### What to produce:
Repeat exactly the lines from the start of the material below up to and including the "color=color, linetype=linetype, lineweight=lineweight)" line.

### Raw data:
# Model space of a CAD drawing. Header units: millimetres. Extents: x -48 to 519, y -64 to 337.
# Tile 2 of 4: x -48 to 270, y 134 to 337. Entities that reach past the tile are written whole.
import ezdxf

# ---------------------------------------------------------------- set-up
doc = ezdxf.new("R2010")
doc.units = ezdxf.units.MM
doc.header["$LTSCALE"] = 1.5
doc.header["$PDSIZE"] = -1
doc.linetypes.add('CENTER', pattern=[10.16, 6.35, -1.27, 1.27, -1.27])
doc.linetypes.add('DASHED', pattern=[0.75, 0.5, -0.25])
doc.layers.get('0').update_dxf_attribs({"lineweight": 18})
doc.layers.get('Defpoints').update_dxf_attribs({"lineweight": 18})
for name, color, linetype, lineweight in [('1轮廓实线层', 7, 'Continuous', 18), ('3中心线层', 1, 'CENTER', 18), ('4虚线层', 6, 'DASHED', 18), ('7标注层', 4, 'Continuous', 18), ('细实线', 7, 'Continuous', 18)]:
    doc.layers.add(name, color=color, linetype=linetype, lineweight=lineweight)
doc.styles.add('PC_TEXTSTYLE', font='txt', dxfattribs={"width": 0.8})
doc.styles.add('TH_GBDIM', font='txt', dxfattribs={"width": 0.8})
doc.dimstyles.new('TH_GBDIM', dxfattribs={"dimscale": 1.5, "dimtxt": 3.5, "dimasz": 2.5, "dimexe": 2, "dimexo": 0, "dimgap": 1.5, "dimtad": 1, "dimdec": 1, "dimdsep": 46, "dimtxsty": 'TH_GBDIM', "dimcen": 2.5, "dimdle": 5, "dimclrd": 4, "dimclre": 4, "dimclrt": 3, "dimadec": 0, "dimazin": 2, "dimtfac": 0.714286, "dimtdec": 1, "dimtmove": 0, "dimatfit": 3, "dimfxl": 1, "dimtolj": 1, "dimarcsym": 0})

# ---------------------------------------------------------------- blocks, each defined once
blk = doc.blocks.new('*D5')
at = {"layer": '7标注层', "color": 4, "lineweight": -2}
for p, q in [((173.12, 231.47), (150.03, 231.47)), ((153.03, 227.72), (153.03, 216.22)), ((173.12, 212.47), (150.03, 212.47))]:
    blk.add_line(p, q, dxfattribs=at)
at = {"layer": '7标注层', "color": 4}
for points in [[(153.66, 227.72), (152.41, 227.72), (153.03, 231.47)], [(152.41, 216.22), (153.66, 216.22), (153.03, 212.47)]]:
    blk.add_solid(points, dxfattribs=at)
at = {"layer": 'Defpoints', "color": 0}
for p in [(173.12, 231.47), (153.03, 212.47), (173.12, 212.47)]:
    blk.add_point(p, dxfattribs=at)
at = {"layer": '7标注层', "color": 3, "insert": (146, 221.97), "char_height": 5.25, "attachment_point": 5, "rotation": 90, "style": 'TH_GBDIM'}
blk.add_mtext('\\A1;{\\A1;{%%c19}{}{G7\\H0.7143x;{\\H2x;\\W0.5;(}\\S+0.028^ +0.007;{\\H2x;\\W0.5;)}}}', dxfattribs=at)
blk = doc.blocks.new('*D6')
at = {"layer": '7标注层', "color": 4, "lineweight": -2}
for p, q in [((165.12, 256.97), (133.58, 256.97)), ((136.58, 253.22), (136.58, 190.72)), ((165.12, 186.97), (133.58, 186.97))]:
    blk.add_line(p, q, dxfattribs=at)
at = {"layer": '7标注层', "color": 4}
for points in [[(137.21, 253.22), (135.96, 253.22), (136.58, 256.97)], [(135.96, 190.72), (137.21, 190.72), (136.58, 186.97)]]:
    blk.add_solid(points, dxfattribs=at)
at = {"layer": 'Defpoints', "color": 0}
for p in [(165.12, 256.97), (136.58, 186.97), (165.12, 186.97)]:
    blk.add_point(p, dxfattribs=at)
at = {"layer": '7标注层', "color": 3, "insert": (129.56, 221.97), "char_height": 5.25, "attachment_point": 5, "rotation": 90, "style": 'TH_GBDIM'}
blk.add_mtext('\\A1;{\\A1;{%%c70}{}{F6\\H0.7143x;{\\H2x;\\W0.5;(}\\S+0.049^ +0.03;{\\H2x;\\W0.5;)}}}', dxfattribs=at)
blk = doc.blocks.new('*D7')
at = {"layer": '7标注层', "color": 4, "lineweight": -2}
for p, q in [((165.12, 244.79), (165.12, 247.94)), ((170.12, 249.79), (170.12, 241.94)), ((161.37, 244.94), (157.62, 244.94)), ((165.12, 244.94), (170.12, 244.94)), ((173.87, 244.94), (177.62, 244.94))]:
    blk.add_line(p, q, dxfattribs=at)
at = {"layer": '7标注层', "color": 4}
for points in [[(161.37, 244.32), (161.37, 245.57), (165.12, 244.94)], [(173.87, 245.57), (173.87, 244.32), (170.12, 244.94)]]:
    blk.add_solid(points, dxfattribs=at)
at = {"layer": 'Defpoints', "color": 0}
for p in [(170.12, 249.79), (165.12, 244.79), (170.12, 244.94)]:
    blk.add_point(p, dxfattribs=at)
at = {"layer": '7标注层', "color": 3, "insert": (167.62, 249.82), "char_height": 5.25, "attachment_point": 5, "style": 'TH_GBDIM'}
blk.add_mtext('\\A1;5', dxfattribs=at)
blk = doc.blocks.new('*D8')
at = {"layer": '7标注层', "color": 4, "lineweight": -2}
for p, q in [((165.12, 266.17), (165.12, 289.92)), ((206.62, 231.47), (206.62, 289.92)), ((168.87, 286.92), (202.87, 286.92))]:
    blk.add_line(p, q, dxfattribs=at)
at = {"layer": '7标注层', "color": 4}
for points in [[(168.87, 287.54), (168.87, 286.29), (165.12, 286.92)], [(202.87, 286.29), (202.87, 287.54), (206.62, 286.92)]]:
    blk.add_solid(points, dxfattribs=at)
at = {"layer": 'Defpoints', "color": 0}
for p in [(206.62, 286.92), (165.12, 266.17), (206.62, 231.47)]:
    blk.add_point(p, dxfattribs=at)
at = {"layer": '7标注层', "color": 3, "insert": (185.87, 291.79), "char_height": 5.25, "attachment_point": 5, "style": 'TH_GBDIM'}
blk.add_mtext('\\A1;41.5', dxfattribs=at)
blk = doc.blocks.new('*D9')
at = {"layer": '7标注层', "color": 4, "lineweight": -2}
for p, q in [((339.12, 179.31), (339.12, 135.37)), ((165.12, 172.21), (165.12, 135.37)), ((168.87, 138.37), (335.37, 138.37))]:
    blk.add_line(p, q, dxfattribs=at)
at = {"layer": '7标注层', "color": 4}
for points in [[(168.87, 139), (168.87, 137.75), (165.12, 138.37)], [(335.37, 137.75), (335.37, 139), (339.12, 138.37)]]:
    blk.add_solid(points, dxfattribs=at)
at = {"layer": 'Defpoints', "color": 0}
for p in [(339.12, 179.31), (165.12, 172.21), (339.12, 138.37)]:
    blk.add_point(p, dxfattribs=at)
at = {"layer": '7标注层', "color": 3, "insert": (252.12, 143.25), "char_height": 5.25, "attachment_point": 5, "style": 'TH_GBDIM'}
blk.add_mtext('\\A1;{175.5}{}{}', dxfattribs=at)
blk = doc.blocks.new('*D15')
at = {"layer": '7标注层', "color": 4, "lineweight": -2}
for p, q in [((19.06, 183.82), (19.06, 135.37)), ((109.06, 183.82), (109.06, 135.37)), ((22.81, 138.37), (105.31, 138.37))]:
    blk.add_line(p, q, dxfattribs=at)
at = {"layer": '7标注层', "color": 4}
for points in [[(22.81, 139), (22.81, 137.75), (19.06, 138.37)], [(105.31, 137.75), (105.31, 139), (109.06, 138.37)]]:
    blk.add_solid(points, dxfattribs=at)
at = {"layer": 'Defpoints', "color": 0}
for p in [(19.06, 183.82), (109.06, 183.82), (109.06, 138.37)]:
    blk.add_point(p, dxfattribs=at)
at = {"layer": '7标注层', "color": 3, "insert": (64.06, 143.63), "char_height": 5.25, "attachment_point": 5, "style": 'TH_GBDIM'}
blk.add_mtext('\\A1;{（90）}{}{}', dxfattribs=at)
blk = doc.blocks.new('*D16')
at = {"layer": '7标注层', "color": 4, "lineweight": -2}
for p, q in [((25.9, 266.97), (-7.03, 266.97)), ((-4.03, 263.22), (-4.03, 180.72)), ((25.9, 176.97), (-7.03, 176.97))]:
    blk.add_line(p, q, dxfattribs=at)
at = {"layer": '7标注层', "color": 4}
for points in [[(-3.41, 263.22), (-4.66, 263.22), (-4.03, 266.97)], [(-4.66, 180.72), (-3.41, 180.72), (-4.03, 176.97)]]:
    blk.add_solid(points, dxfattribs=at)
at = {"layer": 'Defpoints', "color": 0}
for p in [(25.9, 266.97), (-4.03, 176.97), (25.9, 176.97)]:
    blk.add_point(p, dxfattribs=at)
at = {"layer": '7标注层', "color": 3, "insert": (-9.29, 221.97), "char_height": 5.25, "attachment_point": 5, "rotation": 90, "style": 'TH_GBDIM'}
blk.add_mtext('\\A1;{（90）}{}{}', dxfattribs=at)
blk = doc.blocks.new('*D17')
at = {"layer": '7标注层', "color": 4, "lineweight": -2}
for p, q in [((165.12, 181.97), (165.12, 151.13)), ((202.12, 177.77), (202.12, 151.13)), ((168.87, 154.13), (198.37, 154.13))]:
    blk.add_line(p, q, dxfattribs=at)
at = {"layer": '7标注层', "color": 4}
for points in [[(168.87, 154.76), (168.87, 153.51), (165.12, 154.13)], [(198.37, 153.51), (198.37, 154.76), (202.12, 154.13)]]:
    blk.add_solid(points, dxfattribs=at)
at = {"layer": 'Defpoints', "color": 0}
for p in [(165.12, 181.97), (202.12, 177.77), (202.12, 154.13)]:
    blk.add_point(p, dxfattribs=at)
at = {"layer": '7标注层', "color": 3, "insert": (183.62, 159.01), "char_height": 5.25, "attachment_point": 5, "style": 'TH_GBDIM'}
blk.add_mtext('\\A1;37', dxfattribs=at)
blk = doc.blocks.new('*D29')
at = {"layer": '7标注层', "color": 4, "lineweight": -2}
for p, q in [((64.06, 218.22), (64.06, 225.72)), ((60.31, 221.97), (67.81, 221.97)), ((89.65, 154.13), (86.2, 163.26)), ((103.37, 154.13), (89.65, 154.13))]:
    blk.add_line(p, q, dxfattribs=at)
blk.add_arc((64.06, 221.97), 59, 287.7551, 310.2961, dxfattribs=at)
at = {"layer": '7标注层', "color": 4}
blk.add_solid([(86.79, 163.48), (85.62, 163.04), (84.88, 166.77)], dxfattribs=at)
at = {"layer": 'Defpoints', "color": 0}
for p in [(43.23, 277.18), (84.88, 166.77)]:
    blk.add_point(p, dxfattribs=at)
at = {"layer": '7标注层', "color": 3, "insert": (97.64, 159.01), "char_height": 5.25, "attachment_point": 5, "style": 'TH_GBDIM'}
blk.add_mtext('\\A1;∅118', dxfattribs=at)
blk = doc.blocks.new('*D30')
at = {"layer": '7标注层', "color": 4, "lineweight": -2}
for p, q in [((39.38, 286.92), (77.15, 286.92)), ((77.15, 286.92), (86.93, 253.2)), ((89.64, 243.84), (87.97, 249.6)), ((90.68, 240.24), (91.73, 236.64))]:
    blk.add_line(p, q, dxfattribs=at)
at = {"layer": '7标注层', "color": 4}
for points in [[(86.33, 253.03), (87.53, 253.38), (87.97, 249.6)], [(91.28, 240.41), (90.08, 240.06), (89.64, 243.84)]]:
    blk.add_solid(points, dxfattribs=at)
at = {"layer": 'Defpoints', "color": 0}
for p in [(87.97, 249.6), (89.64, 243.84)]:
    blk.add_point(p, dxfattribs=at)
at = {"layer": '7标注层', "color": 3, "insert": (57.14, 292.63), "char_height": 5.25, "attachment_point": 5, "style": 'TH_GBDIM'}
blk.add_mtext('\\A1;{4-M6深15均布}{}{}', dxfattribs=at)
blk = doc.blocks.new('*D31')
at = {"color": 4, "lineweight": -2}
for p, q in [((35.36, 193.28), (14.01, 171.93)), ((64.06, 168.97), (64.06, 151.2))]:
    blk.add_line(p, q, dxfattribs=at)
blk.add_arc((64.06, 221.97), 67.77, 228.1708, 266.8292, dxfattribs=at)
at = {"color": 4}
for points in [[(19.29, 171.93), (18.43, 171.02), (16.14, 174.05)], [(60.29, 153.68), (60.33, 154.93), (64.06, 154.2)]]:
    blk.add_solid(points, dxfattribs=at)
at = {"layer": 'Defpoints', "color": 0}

### Solution:
# Model space of a CAD drawing. Header units: millimetres. Extents: x -48 to 519, y -64 to 337.
# Tile 2 of 4: x -48 to 270, y 134 to 337. Entities that reach past the tile are written whole.
import ezdxf

# ---------------------------------------------------------------- set-up
doc = ezdxf.new("R2010")
doc.units = ezdxf.units.MM
doc.header["$LTSCALE"] = 1.5
doc.header["$PDSIZE"] = -1
doc.linetypes.add('CENTER', pattern=[10.16, 6.35, -1.27, 1.27, -1.27])
doc.linetypes.add('DASHED', pattern=[0.75, 0.5, -0.25])
doc.layers.get('0').update_dxf_attribs({"lineweight": 18})
doc.layers.get('Defpoints').update_dxf_attribs({"lineweight": 18})
for name, color, linetype, lineweight in [('1轮廓实线层', 7, 'Continuous', 18), ('3中心线层', 1, 'CENTER', 18), ('4虚线层', 6, 'DASHED', 18), ('7标注层', 4, 'Continuous', 18), ('细实线', 7, 'Continuous', 18)]:
    doc.layers.add(name, color=color, linetype=linetype, lineweight=lineweight)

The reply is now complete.